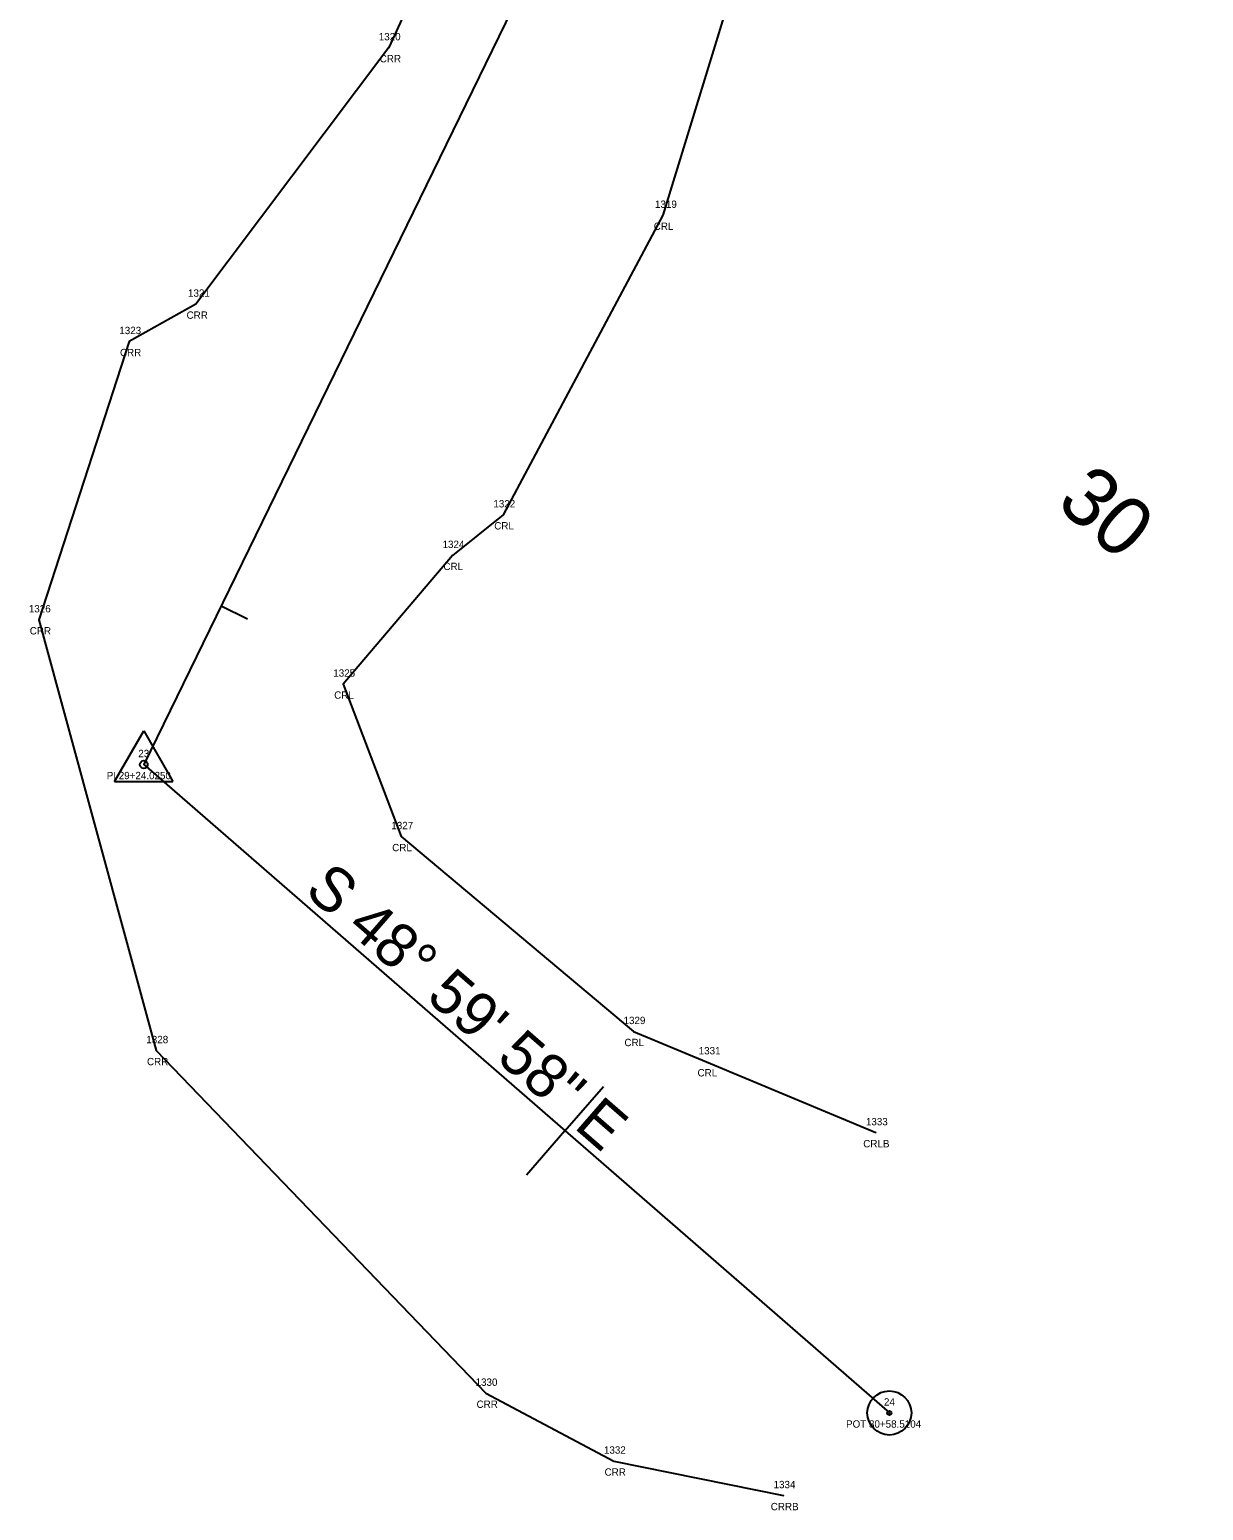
# Model space of a CAD drawing. Extents: x 1964982 to 1970527, y 1116335 to 1119906.
# Drawn here: x 1967713.8 to 1967873.6, y 1117452.2 to 1117653.6 of the extents above; entities that cross this region are included whole.
import ezdxf

# ---------------------------------------------------------------- set-up
doc = ezdxf.new("R2010")
doc.units = 0
for name, color, linetype in [('RD_EX_H2O', 7, 'Continuous'), ('RD_EX_H2O_txCode', 7, 'Continuous'), ('RD_HC_CL', 7, 'Continuous'), ('RD_HC_Data', 7, 'Continuous'), ('RD_HC_Data_Tic', 7, 'Continuous'), ('RD_HC_TX_Sta50', 7, 'Continuous'), ('RD_HC_txCode', 7, 'Continuous'), ('RD_SMD_Locator', 7, 'Continuous')]:
    doc.layers.add(name, color=color, linetype=linetype)

msp = doc.modelspace()

# ---------------------------------------------------------------- linework, layer by layer
at = {"layer": 'RD_EX_H2O'}
for points in [[(1967794.3, 1117875.45), (1967796.63, 1117853.43), (1967809.67, 1117835.4), (1967828.83, 1117808.28), (1967805.08, 1117754.56), (1967786.33, 1117708.04), (1967780.19, 1117689.35), (1967762.68, 1117651.19), (1967736.39, 1117616.3), (1967727.33, 1117611.21), (1967715.04, 1117573.35), (1967731.01, 1117514.73), (1967775.86, 1117468.11), (1967793.29, 1117458.88), (1967816.39, 1117454.18)], [(1967873.55, 1117813.3), (1967873.54, 1117810.73), (1967868.98, 1117791.48), (1967856.29, 1117756.05), (1967834.78, 1117721.72), (1967815.36, 1117678.52), (1967799.96, 1117628.39), (1967778.25, 1117587.63), (1967771.33, 1117582.11), (1967756.46, 1117564.6), (1967764.36, 1117543.85), (1967795.97, 1117517.33), (1967805.92, 1117513.21), (1967828.95, 1117503.56)]]:
    msp.add_lwpolyline(points, dxfattribs=at)
at = {"layer": 'RD_HC_CL'}
for p, q in [((1967849.81, 1117800.6), (1967729.31, 1117553.65)), ((1967729.31, 1117553.65), (1967830.8, 1117465.42))]:
    msp.add_line(p, q, dxfattribs=at)
at = {"layer": 'RD_HC_Data'}
for p, q in [((1967725.33, 1117551.36), (1967729.31, 1117558.24)), ((1967729.31, 1117558.24), (1967733.28, 1117551.36)), ((1967725.33, 1117551.36), (1967733.28, 1117551.36))]:
    msp.add_line(p, q, dxfattribs=at)
for centre, radius in [((1967729.31, 1117553.65), 0.529), ((1967830.8, 1117465.42), 3), ((1967830.8, 1117465.42), 0.282)]:
    msp.add_circle(centre, radius, dxfattribs=at)
at = {"layer": 'RD_HC_Data_Tic'}
for p, q in [((1967739.84, 1117575.25), (1967743.44, 1117573.49)), ((1967786.64, 1117503.81), (1967791.89, 1117509.85)), ((1967786.64, 1117503.81), (1967781.4, 1117497.77))]:
    msp.add_line(p, q, dxfattribs=at)
at = {"layer": 'RD_SMD_Locator'}
for centre in [(1967762.68, 1117651.19), (1967799.96, 1117628.39), (1967736.39, 1117616.3), (1967727.33, 1117611.21), (1967778.25, 1117587.63), (1967771.33, 1117582.11), (1967715.04, 1117573.35), (1967756.46, 1117564.6), (1967729.31, 1117553.65), (1967764.36, 1117543.85), (1967795.97, 1117517.33), (1967731.01, 1117514.73), (1967805.92, 1117513.21), (1967828.95, 1117503.56), (1967775.86, 1117468.11), (1967830.8, 1117465.42), (1967793.29, 1117458.88), (1967816.39, 1117454.18)]:
    msp.add_circle(centre, 0.001, dxfattribs=at)

# ---------------------------------------------------------------- texts
at = {"layer": 'RD_EX_H2O_txCode'}
for s, p in [('1320', (1967761.3, 1117652.19)), ('CRR', (1967761.43, 1117649.19)), ('1319', (1967798.9, 1117629.39)), ('CRL', (1967798.73, 1117626.39)), ('1321', (1967735.33, 1117617.3)), ('CRR', (1967735.14, 1117614.3)), ('1323', (1967725.98, 1117612.21)), ('CRR', (1967726.07, 1117609.21)), ('1322', (1967776.9, 1117588.63)), ('CRL', (1967777.02, 1117585.63)), ('1324', (1967769.98, 1117583.11)), ('CRL', (1967770.1, 1117580.11)), ('1326', (1967713.67, 1117574.35)), ('CRR', (1967713.79, 1117571.35)), ('1325', (1967755.11, 1117565.6)), ('CRL', (1967755.23, 1117562.6)), ('1327', (1967763.01, 1117544.85)), ('CRL', (1967763.13, 1117541.85)), ('1329', (1967794.62, 1117518.33)), ('1328', (1967729.66, 1117515.73)), ('CRL', (1967794.74, 1117515.33)), ('1331', (1967804.85, 1117514.21)), ('CRR', (1967729.75, 1117512.73)), ('CRL', (1967804.69, 1117511.21)), ('1333', (1967827.61, 1117504.56)), ('CRLB', (1967827.25, 1117501.56)), ('1330', (1967774.48, 1117469.11)), ('CRR', (1967774.61, 1117466.11)), ('1332', (1967791.95, 1117459.88)), ('CRR', (1967792.04, 1117456.88)), ('1334', (1967815.04, 1117455.18)), ('CRRB', (1967814.66, 1117452.18))]:
    msp.add_text(s, height=1, dxfattribs=at).set_placement(p)
at = {"layer": 'RD_HC_Data'}
msp.add_text('S 48° 59\' 58" E', height=6, rotation=318.9993, dxfattribs=at).set_placement((1967751.02, 1117536.19))
at = {"layer": 'RD_HC_TX_Sta50'}
msp.add_text('30', height=8, rotation=318.9993, dxfattribs=at).set_placement((1967853.31, 1117588.96))
at = {"layer": 'RD_HC_txCode'}
for s, p in [('23', (1967728.57, 1117554.65)), ('PI 29+24.0250', (1967724.27, 1117551.65)), ('24', (1967830.07, 1117466.42)), ('POT 30+58.5104', (1967824.91, 1117463.42))]:
    msp.add_text(s, height=1, dxfattribs=at).set_placement(p)

doc.saveas('drawing.dxf')

» **Exercise details**
Every entry above needs to be duplicated precisely, and none of the pictures should appear.

» **Result of the exercise**
# Model space of a CAD drawing. Extents: x 1964982 to 1970527, y 1116335 to 1119906.
# Drawn here: x 1967713.8 to 1967873.6, y 1117452.2 to 1117653.6 of the extents above; entities that cross this region are included whole.
import ezdxf

# ---------------------------------------------------------------- set-up
doc = ezdxf.new("R2010")
doc.units = 0
for name, color, linetype in [('RD_EX_H2O', 7, 'Continuous'), ('RD_EX_H2O_txCode', 7, 'Continuous'), ('RD_HC_CL', 7, 'Continuous'), ('RD_HC_Data', 7, 'Continuous'), ('RD_HC_Data_Tic', 7, 'Continuous'), ('RD_HC_TX_Sta50', 7, 'Continuous'), ('RD_HC_txCode', 7, 'Continuous'), ('RD_SMD_Locator', 7, 'Continuous')]:
    doc.layers.add(name, color=color, linetype=linetype)

msp = doc.modelspace()

# ---------------------------------------------------------------- linework, layer by layer
at = {"layer": 'RD_EX_H2O'}
for points in [[(1967794.3, 1117875.45), (1967796.63, 1117853.43), (1967809.67, 1117835.4), (1967828.83, 1117808.28), (1967805.08, 1117754.56), (1967786.33, 1117708.04), (1967780.19, 1117689.35), (1967762.68, 1117651.19), (1967736.39, 1117616.3), (1967727.33, 1117611.21), (1967715.04, 1117573.35), (1967731.01, 1117514.73), (1967775.86, 1117468.11), (1967793.29, 1117458.88), (1967816.39, 1117454.18)], [(1967873.55, 1117813.3), (1967873.54, 1117810.73), (1967868.98, 1117791.48), (1967856.29, 1117756.05), (1967834.78, 1117721.72), (1967815.36, 1117678.52), (1967799.96, 1117628.39), (1967778.25, 1117587.63), (1967771.33, 1117582.11), (1967756.46, 1117564.6), (1967764.36, 1117543.85), (1967795.97, 1117517.33), (1967805.92, 1117513.21), (1967828.95, 1117503.56)]]:
    msp.add_lwpolyline(points, dxfattribs=at)
at = {"layer": 'RD_HC_CL'}
for p, q in [((1967849.81, 1117800.6), (1967729.31, 1117553.65)), ((1967729.31, 1117553.65), (1967830.8, 1117465.42))]:
    msp.add_line(p, q, dxfattribs=at)
at = {"layer": 'RD_HC_Data'}
for p, q in [((1967725.33, 1117551.36), (1967729.31, 1117558.24)), ((1967729.31, 1117558.24), (1967733.28, 1117551.36)), ((1967725.33, 1117551.36), (1967733.28, 1117551.36))]:
    msp.add_line(p, q, dxfattribs=at)
for centre, radius in [((1967729.31, 1117553.65), 0.529), ((1967830.8, 1117465.42), 3), ((1967830.8, 1117465.42), 0.282)]:
    msp.add_circle(centre, radius, dxfattribs=at)
at = {"layer": 'RD_HC_Data_Tic'}
for p, q in [((1967739.84, 1117575.25), (1967743.44, 1117573.49)), ((1967786.64, 1117503.81), (1967791.89, 1117509.85)), ((1967786.64, 1117503.81), (1967781.4, 1117497.77))]:
    msp.add_line(p, q, dxfattribs=at)
at = {"layer": 'RD_SMD_Locator'}
for centre in [(1967762.68, 1117651.19), (1967799.96, 1117628.39), (1967736.39, 1117616.3), (1967727.33, 1117611.21), (1967778.25, 1117587.63), (1967771.33, 1117582.11), (1967715.04, 1117573.35), (1967756.46, 1117564.6), (1967729.31, 1117553.65), (1967764.36, 1117543.85), (1967795.97, 1117517.33), (1967731.01, 1117514.73), (1967805.92, 1117513.21), (1967828.95, 1117503.56), (1967775.86, 1117468.11), (1967830.8, 1117465.42), (1967793.29, 1117458.88), (1967816.39, 1117454.18)]:
    msp.add_circle(centre, 0.001, dxfattribs=at)

# ---------------------------------------------------------------- texts
at = {"layer": 'RD_EX_H2O_txCode'}
for s, p in [('1320', (1967761.3, 1117652.19)), ('CRR', (1967761.43, 1117649.19)), ('1319', (1967798.9, 1117629.39)), ('CRL', (1967798.73, 1117626.39)), ('1321', (1967735.33, 1117617.3)), ('CRR', (1967735.14, 1117614.3)), ('1323', (1967725.98, 1117612.21)), ('CRR', (1967726.07, 1117609.21)), ('1322', (1967776.9, 1117588.63)), ('CRL', (1967777.02, 1117585.63)), ('1324', (1967769.98, 1117583.11)), ('CRL', (1967770.1, 1117580.11)), ('1326', (1967713.67, 1117574.35)), ('CRR', (1967713.79, 1117571.35)), ('1325', (1967755.11, 1117565.6)), ('CRL', (1967755.23, 1117562.6)), ('1327', (1967763.01, 1117544.85)), ('CRL', (1967763.13, 1117541.85)), ('1329', (1967794.62, 1117518.33)), ('1328', (1967729.66, 1117515.73)), ('CRL', (1967794.74, 1117515.33)), ('1331', (1967804.85, 1117514.21)), ('CRR', (1967729.75, 1117512.73)), ('CRL', (1967804.69, 1117511.21)), ('1333', (1967827.61, 1117504.56)), ('CRLB', (1967827.25, 1117501.56)), ('1330', (1967774.48, 1117469.11)), ('CRR', (1967774.61, 1117466.11)), ('1332', (1967791.95, 1117459.88)), ('CRR', (1967792.04, 1117456.88)), ('1334', (1967815.04, 1117455.18)), ('CRRB', (1967814.66, 1117452.18))]:
    msp.add_text(s, height=1, dxfattribs=at).set_placement(p)
at = {"layer": 'RD_HC_Data'}
msp.add_text('S 48° 59\' 58" E', height=6, rotation=318.9993, dxfattribs=at).set_placement((1967751.02, 1117536.19))
at = {"layer": 'RD_HC_TX_Sta50'}
msp.add_text('30', height=8, rotation=318.9993, dxfattribs=at).set_placement((1967853.31, 1117588.96))
at = {"layer": 'RD_HC_txCode'}
for s, p in [('23', (1967728.57, 1117554.65)), ('PI 29+24.0250', (1967724.27, 1117551.65)), ('24', (1967830.07, 1117466.42)), ('POT 30+58.5104', (1967824.91, 1117463.42))]:
    msp.add_text(s, height=1, dxfattribs=at).set_placement(p)

doc.saveas('drawing.dxf')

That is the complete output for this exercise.